Confident that Lovell would enjoy giving further information, I questioned him. He had that deep appreciation of family relationships and their ramifications that is a gift of its own, like being musical, or having an instinct for the value of horses or jewels. In Lovell’s own case, he made good practical use of this grasp, although such a talent not uncommonly falls to individuals more than usually free from any desire for personal advancement: while equally often lacking in persons rightly regarded by the world as snobbish. Lovell, almost as interested in everyone else’s family as his own, could describe how the most various people were in fact quite closely related.

‘When my first Sleaford uncle died,’ said Lovell, ‘his widow, Molly, married a fellow called Jeavons. Not a bad chap at all, though of rather unglamorous background. He couldn’t be described as particularly bright either, in spite of playing quite a good game of snooker. No live wire, in fact. Molly, on the other hand, is full of go.’

‘What about her?’

‘She was an Ardglass.’

‘Any relation of Bijou Ardglass?’

‘Sister-in-law, before Jumbo Ardglass divorced Bijou—who was his second wife, of course. Do you know her—probably slept with her? Most of one’s friends have.’

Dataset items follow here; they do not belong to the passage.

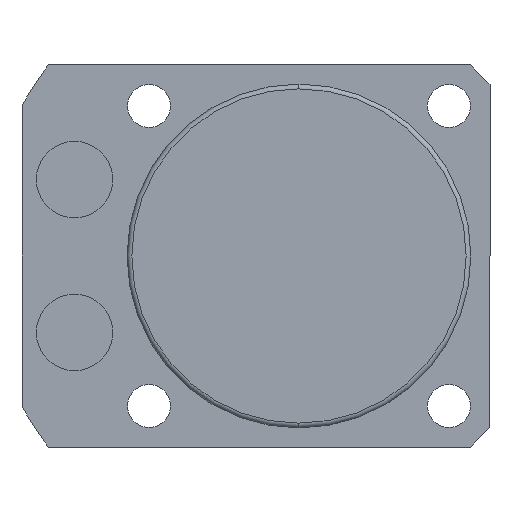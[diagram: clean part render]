
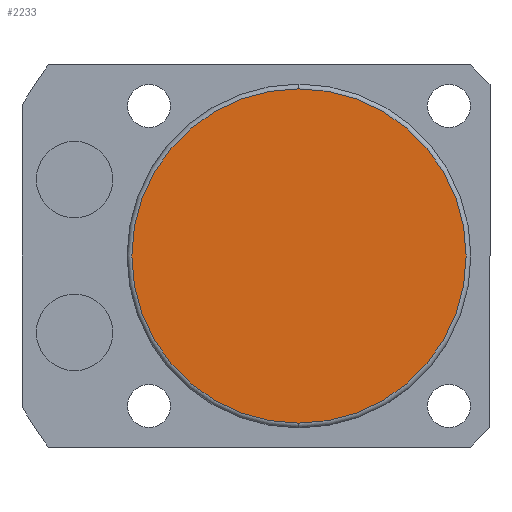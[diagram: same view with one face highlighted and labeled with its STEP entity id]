
A CAD part, front view. The second image highlights one B-rep face of the part: STEP entity #2233.
In plain terms, the highlighted planar face has unit normal (0, -1, 0).
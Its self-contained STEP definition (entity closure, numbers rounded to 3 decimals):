
#69 = DIRECTION ( 'NONE',  ( 0., -1., 0. ) ) ;
#103 = EDGE_LOOP ( 'NONE', ( #1469, #1934 ) ) ;
#198 = DIRECTION ( 'NONE',  ( 0., 0., -1. ) ) ;
#226 = VERTEX_POINT ( 'NONE', #2253 ) ;
#426 = FACE_OUTER_BOUND ( 'NONE', #103, .T. ) ;
#556 = CIRCLE ( 'NONE', #1425, 17.5 ) ;
#726 = EDGE_CURVE ( 'NONE', #226, #2191, #556, .T. ) ;
#749 = PLANE ( 'NONE',  #924 ) ;
#856 = DIRECTION ( 'NONE',  ( 0., 0., -1. ) ) ;
#921 = EDGE_CURVE ( 'NONE', #2191, #226, #1432, .T. ) ;
#924 = AXIS2_PLACEMENT_3D ( 'NONE', #1620, #2198, #198 ) ;
#1168 = CARTESIAN_POINT ( 'NONE',  ( 0., -90.5, 0. ) ) ;
#1259 = AXIS2_PLACEMENT_3D ( 'NONE', #1392, #1584, #856 ) ;
#1314 = DIRECTION ( 'NONE',  ( 0., 0., -1. ) ) ;
#1392 = CARTESIAN_POINT ( 'NONE',  ( 0., -90.5, 0. ) ) ;
#1425 = AXIS2_PLACEMENT_3D ( 'NONE', #1168, #69, #1314 ) ;
#1432 = CIRCLE ( 'NONE', #1259, 17.5 ) ;
#1469 = ORIENTED_EDGE ( 'NONE', *, *, #921, .T. ) ;
#1579 = CARTESIAN_POINT ( 'NONE',  ( 0., -90.5, -17.5 ) ) ;
#1584 = DIRECTION ( 'NONE',  ( 0., -1., 0. ) ) ;
#1620 = CARTESIAN_POINT ( 'NONE',  ( 0., -90.5, 0. ) ) ;
#1934 = ORIENTED_EDGE ( 'NONE', *, *, #726, .T. ) ;
#2191 = VERTEX_POINT ( 'NONE', #1579 ) ;
#2198 = DIRECTION ( 'NONE',  ( 0., -1., 0. ) ) ;
#2233 = ADVANCED_FACE ( 'NONE', ( #426 ), #749, .T. ) ;
#2253 = CARTESIAN_POINT ( 'NONE',  ( 0., -90.5, 17.5 ) ) ;

‘I’ve only seen her about the place. No other privileges.’

‘Of course, you wouldn’t be rich enough for Bijou,’ said Lovell, not unkindly. ‘But, as I was saying, Bijou got through what remained of the Ardglass money, which wasn’t much, and left Jumbo, who’d really had enough himself by that time. Since then, she has been keeping company with a whole string of people—Prince Theodoric—God knows who. However, I believe she still comes to see Molly. Molly is like that. She will put up with anyone.’

‘But why do you call him your “first” Sleaford uncle?’

‘Because he died, and I still have an uncle of that name—the present one is Geoffrey—the first, John. Uncle Geoffrey was too poor to marry until he succeeded. He could only just rub along in one of the cheaper cavalry regiments. There were two other brothers between him and the title. One was killed in the war, and the other knocked down by a bus.’